WWE Extreme Rules is a professional wrestling event produced annually by WWE, a Connecticut-based promotion. It is broadcast live and available only through pay-per-view (PPV) and the livestreaming services Peacock and the WWE Network. The name of the event stems from various matches on the card being contested under hardcore wrestling regulations with generally one match being an Extreme Rules match, introduced at the 2010 event. The defunct Extreme Championship Wrestling promotion, which WWE acquired in 2003, originally used the "extreme rules" term to describe the regulations for all of its matches. 

The event name was established in 2009; however, its theme began with its predecessor, One Night Stand, which was promoted in 2005 and 2006 as an Extreme Championship Wrestling reunion show. In 2007, WWE promoted the show as one of its own regular pay-per-view events but kept the concept of hardcore-based matches. In 2009, WWE renamed the One Night Stand event to Extreme Rules. The 2009 Extreme Rules event was noted by WWE to be a direct continuation of the One Night Stand chronology. However, the 2010 event was later promoted as only the second event under a new chronology, one that is no longer a direct continuation of the One Night Stand events.

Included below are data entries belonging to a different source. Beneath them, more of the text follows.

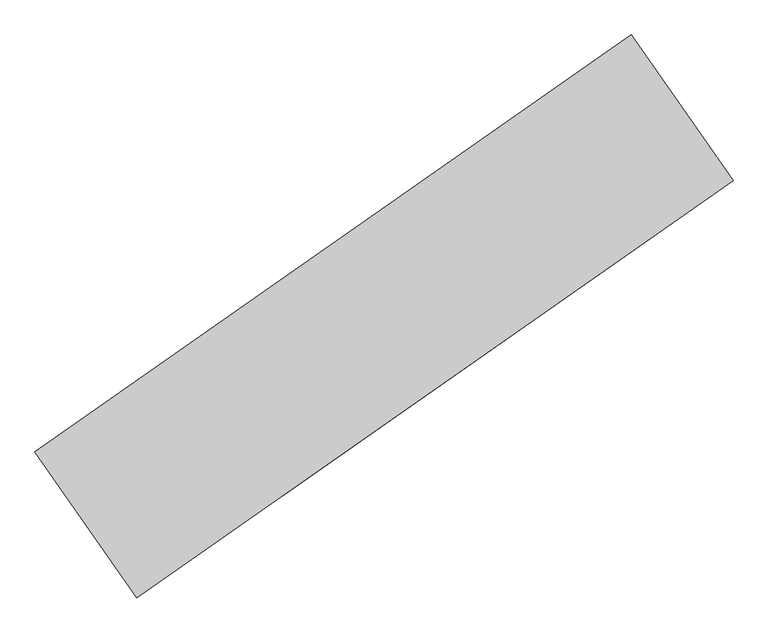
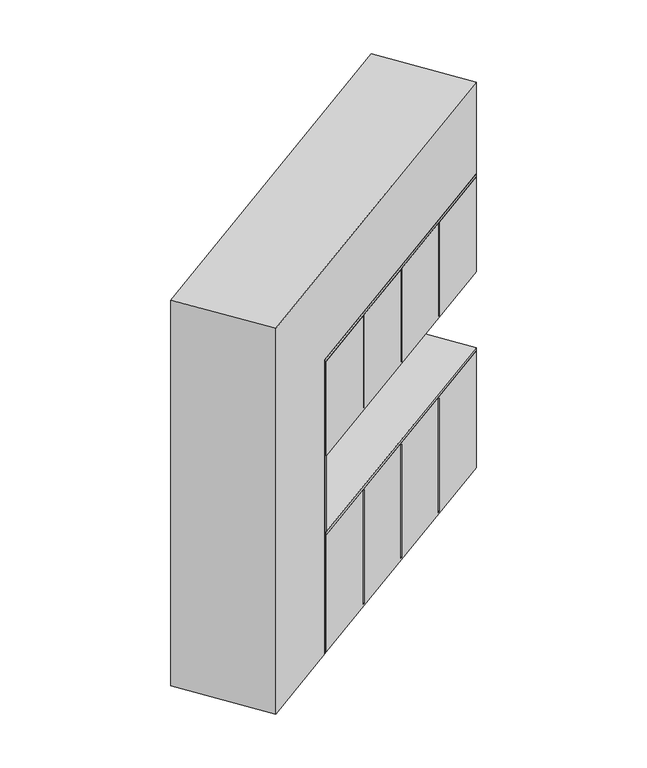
"""IFC4 building model written with IfcOpenShell, lengths in millimetres: furniture geometry, Kitchen Redesign : Kitchen Redesign."""

from ifc_helpers import new_model, si_unit, frame, origin, place, context, project, spatial, polyline, outline, extrude, faceted_brep, source, transform, mapped, element, save


def furniture_4803af8d(model_context):
    return source(origin(), model_context, "Body", "SolidModel", [
        extrude(outline(polyline([(-1429.0123729, 14651.1155088), (-3309.0375676, 13334.7076954), (-3341.1986622, 13380.6384986), (-1461.1734675, 14697.046312), (-1429.0123729, 14651.1155088)])), frame((0.0, 0.0, 1675.0), z_axis=(0.0, 0.0, 1.0), x_axis=(1.0, 0.0, 0.0)), (0.0, 0.0, 1.0), 25.0),
        extrude(outline(polyline([(-2911.016335, 12766.2744654), (-3341.1986622, 13380.6384986), (-1461.1734675, 14697.046312), (-1030.9911403, 14082.6822788), (-2911.016335, 12766.2744654)])), frame((0.0, 0.0, 1075.0), z_axis=(0.0, 0.0, 1.0), x_axis=(1.0, 0.0, 0.0)), (0.0, 0.0, 1.0), 25.0),
        faceted_brep([(-3341.1986622, 13380.6384986, 1075.0), (-2911.016335, 12766.2744654, 1075.0), (-1030.9911403, 14082.6822788, 1075.0), (-1461.1734675, 14697.046312, 1075.0), (-3341.1986622, 13380.6384986, 150.0), (-1461.1734675, 14697.046312, 150.0), (-1030.9911403, 14082.6822788, 150.0), (-2911.016335, 12766.2744654, 150.0), (-2447.1305323, 13091.0908013, 165.372951), (-2447.1305323, 13091.0908013, 1064.3271184), (-2434.8432516, 13099.6944479, 1064.3271184), (-2434.8432516, 13099.6944479, 165.372951), (-1977.1010893, 13420.2089605, 166.1608427), (-1977.1010893, 13420.2089605, 1060.5119366), (-1964.8138086, 13428.8126071, 1060.5119366), (-1964.8138086, 13428.8126071, 166.1608427), (-1507.0716463, 13749.3271197, 164.0417124), (-1507.0716463, 13749.3271197, 1058.465697), (-1494.7843656, 13757.9307662, 1058.465697), (-1494.7843656, 13757.9307662, 164.0417124), (-2463.6069984, 13114.6216335, 165.372951), (-2451.3197177, 13123.2252801, 165.372951), (-2451.3197177, 13123.2252801, 1064.3271184), (-2463.6069984, 13114.6216335, 1064.3271184), (-1993.5775554, 13443.7397927, 166.1608427), (-1981.2902747, 13452.3434392, 166.1608427), (-1981.2902747, 13452.3434392, 1060.5119366), (-1993.5775554, 13443.7397927, 1060.5119366), (-1523.5481124, 13772.8579519, 164.0417124), (-1511.2608317, 13781.4615984, 164.0417124), (-1511.2608317, 13781.4615984, 1058.465697), (-1523.5481124, 13772.8579519, 1058.465697)], [[[0, 1, 2, 3]], [[4, 5, 6, 7]], [[1, 0, 4, 7]], [[2, 1, 7, 6], [8, 9, 10, 11], [12, 13, 14, 15], [16, 17, 18, 19]], [[3, 2, 6, 5]], [[0, 3, 5, 4]], [[20, 21, 22, 23]], [[24, 25, 26, 27]], [[28, 29, 30, 31]], [[20, 23, 9, 8]], [[22, 21, 11, 10]], [[24, 27, 13, 12]], [[26, 25, 15, 14]], [[28, 31, 17, 16]], [[30, 29, 19, 18]], [[23, 22, 10, 9]], [[21, 20, 8, 11]], [[27, 26, 14, 13]], [[25, 24, 12, 15]], [[31, 30, 18, 17]], [[29, 28, 16, 19]]]),
        faceted_brep([(-1461.1734675, 14697.046312, 1700.0), (-1461.1734675, 14697.046312, 2450.0), (-1030.9911403, 14082.6822788, 2450.0), (-1030.9911403, 14082.6822788, 1700.0), (-3341.1986622, 13380.6384986, 1700.0), (-2911.016335, 12766.2744654, 1700.0), (-2911.016335, 12766.2744654, 2450.0), (-3341.1986622, 13380.6384986, 2450.0), (-2447.1305323, 13091.0908013, 2450.0), (-2497.5028644, 13163.0299469, 2450.0), (-2485.2155837, 13171.6335935, 2450.0), (-2434.8432516, 13099.6944479, 2450.0), (-1977.1010893, 13420.2089605, 2450.0), (-2027.4734213, 13492.1481061, 2450.0), (-2015.1861407, 13500.7517527, 2450.0), (-1964.8138086, 13428.8126071, 2450.0), (-1507.0716463, 13749.3271197, 2450.0), (-1557.4439783, 13821.2662653, 2450.0), (-1545.1566977, 13829.8699119, 2450.0), (-1494.7843656, 13757.9307662, 2450.0), (-1494.7843656, 13757.9307662, 1711.4080736), (-1507.0716463, 13749.3271197, 1711.4080736), (-1964.8138086, 13428.8126071, 1711.4080736), (-1977.1010893, 13420.2089605, 1711.4080736), (-2434.8432516, 13099.6944479, 1711.4080736), (-2447.1305323, 13091.0908013, 1711.4080736), (-2497.5028644, 13163.0299469, 1711.4080736), (-2485.2155837, 13171.6335935, 1711.4080736), (-2027.4734213, 13492.1481061, 1711.4080736), (-2015.1861407, 13500.7517527, 1711.4080736), (-1557.4439783, 13821.2662653, 1711.4080736), (-1545.1566977, 13829.8699119, 1711.4080736)], [[[0, 1, 2, 3]], [[4, 5, 6, 7]], [[1, 0, 4, 7]], [[2, 1, 7, 6, 8, 9, 10, 11, 12, 13, 14, 15, 16, 17, 18, 19]], [[3, 2, 19, 20, 21, 16, 15, 22, 23, 12, 11, 24, 25, 8, 6, 5]], [[0, 3, 5, 4]], [[26, 27, 10, 9]], [[28, 29, 14, 13]], [[30, 31, 18, 17]], [[26, 9, 8, 25]], [[10, 27, 24, 11]], [[28, 13, 12, 23]], [[14, 29, 22, 15]], [[30, 17, 16, 21]], [[18, 31, 20, 19]], [[27, 26, 25, 24]], [[29, 28, 23, 22]], [[31, 30, 21, 20]]]),
        faceted_brep([(-2911.016335, 12766.2744654, 150.0), (-2911.016335, 12766.2744654, 2450.0), (-2447.1305323, 13091.0908013, 2450.0), (-2434.8432516, 13099.6944479, 2450.0), (-1977.1010893, 13420.2089605, 2450.0), (-1964.8138086, 13428.8126071, 2450.0), (-1507.0716463, 13749.3271197, 2450.0), (-1494.7843656, 13757.9307662, 2450.0), (-1030.9911403, 14082.6822788, 2450.0), (-1030.9911403, 14082.6822788, 2475.0), (-2931.4951361, 12751.9350545, 2475.0), (-2931.4951361, 12751.9350545, 150.0), (-3341.1986622, 13380.6384986, 150.0), (-3361.6774634, 13366.2990877, 150.0), (-3361.6774634, 13366.2990877, 2475.0), (-1461.1734675, 14697.046312, 2475.0), (-1461.1734675, 14697.046312, 2450.0), (-3341.1986622, 13380.6384986, 2450.0)], [[[0, 1, 2, 3, 4, 5, 6, 7, 8, 9, 10, 11]], [[12, 13, 14, 15, 16, 17]], [[1, 0, 12, 17]], [[17, 16, 8, 7, 6, 5, 4, 3, 2, 1]], [[9, 8, 16, 15]], [[10, 9, 15, 14]], [[11, 10, 14, 13]], [[0, 11, 13, 12]]]),
        extrude(outline(polyline([(0.0, -3070.0869839), (0.0, 0.0), (3050.0, 0.0), (3050.0, -749.9999999), (725.0, -749.9999999), (725.0, -3070.0869839), (0.0, -3070.0869839)])), frame((-3545.8591693, 12321.7527273, 3200.0), z_axis=(-0.5735764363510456, 0.8191520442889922, 0.0), x_axis=(0.0, 0.0, -1.0)), (0.0, 0.0, 1.0), 750.0),
    ])


if __name__ == "__main__":
    model = new_model("IFC4")
    model_context = context("Model", 3, world=origin())
    ifc_project = project(units=[si_unit("LENGTHUNIT", "METRE", prefix="MILLI")], contexts=[model_context])
    site = spatial("IfcSite", under=ifc_project)
    building = spatial("IfcBuilding", under=site)
    placement = place(None, origin())
    furniture_shape = furniture_4803af8d(model_context)
    element("IfcFurniture", 1, ObjectType="Kitchen Redesign : Kitchen Redesign", at=placement, inside=building, context=model_context, shape_type="MappedRepresentation", body=[
        mapped(furniture_shape, transform((0.0, 0.0, 0.0), x_axis=(1.0, 0.0, 0.0), y_axis=(0.0, 1.0, 0.0), z_axis=(0.0, 0.0, 1.0))),
    ])
    save(model, "model.ifc")

Starting in 2010, Extreme Rules was moved from June to late April/early May to replace Backlash as the post-WrestleMania pay-per-view event. For 2013, the event replaced Over the Limit as that year's May PPV. After the reinstated brand extension took effect in mid-2016, the event returned to the June slot of WWE's pay-per-view calendar in 2017 and was held as a Raw-exclusive pay-per-view event. Following WrestleMania 34 in 2018, however, all WWE pay-per-views ceased being brand exclusive, and Extreme Rules moved to the July slot. For the 2020 edition only, the event was titled The Horror Show at Extreme Rules. The 2021 event was then moved to September, replacing Clash of Champions. The 2022 event was moved to October and was the first time for the event to be held on a Saturday.

Concept and History
From 2005 to 2008, World Wrestling Entertainment (WWE) ran a pay-per-view (PPV) entitled One Night Stand. While originally a reunion show for the defunct Extreme Championship Wrestling promotion, the assets of which WWE acquired in 2003, the concept of One Night Stand was that the event featured various matches that were contested under hardcore rules. In 2009, Extreme Rules was established to replace One Night Stand and was initially noted by WWE to be a direct continuation of the One Night Stand chronology, with Extreme Rules continuing the concept of featuring hardcore-based matches. However, the 2010 event was later promoted as only the second event under a new chronology, one that is no longer a direct continuation of the One Night Stand events. The term "extreme rules" was originally used by Extreme Championship Wrestling to describe the regulations for all of its matches; WWE adopted the term and has since used it in place of "hardcore match" or "hardcore rules". In the mid-to-late 2010s, the amount of hardcore-based matches began decreasing, with only one included at the 2021 event, but the 2022 event returned to form with all six of its matches contested under a hardcore stipulation.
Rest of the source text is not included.